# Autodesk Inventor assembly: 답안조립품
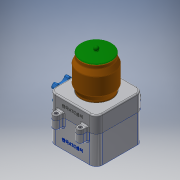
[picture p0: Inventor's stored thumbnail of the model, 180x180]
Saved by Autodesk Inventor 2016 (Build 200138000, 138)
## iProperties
Created: 2018-01
Part Number: 답안조립품
Material: 일반
Document SubType Name: Assembly
Designer: USER
Author: USER
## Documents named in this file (9)
- C:\Users\USER\Desktop\480108V1019\답안조립품.iam
- C:\Users\USER\Desktop\480108V1019\본체.ipt
- C:\Users\USER\Desktop\480108V1019\본체커버.ipt
- C:\Users\USER\Desktop\480108V1019\볼트 M3x12.ipt
- C:\Users\USER\Desktop\480108V1019\볼트 M4x12.ipt
- C:\Users\USER\Desktop\480108V1019\용기.ipt
- C:\Users\USER\Desktop\480108V1019\용기캡.ipt
- C:\Users\USER\Desktop\480108V1019\핸들.ipt
- C:\Users\USER\Desktop\480108V1019\핸들축.ipt
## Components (2 placed, 2 different names)
1. 핸들:1
2. 핸들축:1

|---|

Exercise brief> Output all the records above exactly, but without their images.

Completed task>
# Autodesk Inventor assembly: 답안조립품
[picture p0: Inventor's stored thumbnail of the model, 180x180]
Saved by Autodesk Inventor 2016 (Build 200138000, 138)
## iProperties
Created: 2018-01
Part Number: 답안조립품
Material: 일반
Document SubType Name: Assembly
Designer: USER
Author: USER
## Documents named in this file (9)
- C:\Users\USER\Desktop\480108V1019\답안조립품.iam
- C:\Users\USER\Desktop\480108V1019\본체.ipt
- C:\Users\USER\Desktop\480108V1019\본체커버.ipt
- C:\Users\USER\Desktop\480108V1019\볼트 M3x12.ipt
- C:\Users\USER\Desktop\480108V1019\볼트 M4x12.ipt
- C:\Users\USER\Desktop\480108V1019\용기.ipt
- C:\Users\USER\Desktop\480108V1019\용기캡.ipt
- C:\Users\USER\Desktop\480108V1019\핸들.ipt
- C:\Users\USER\Desktop\480108V1019\핸들축.ipt
## Components (2 placed, 2 different names)
1. 핸들:1
2. 핸들축:1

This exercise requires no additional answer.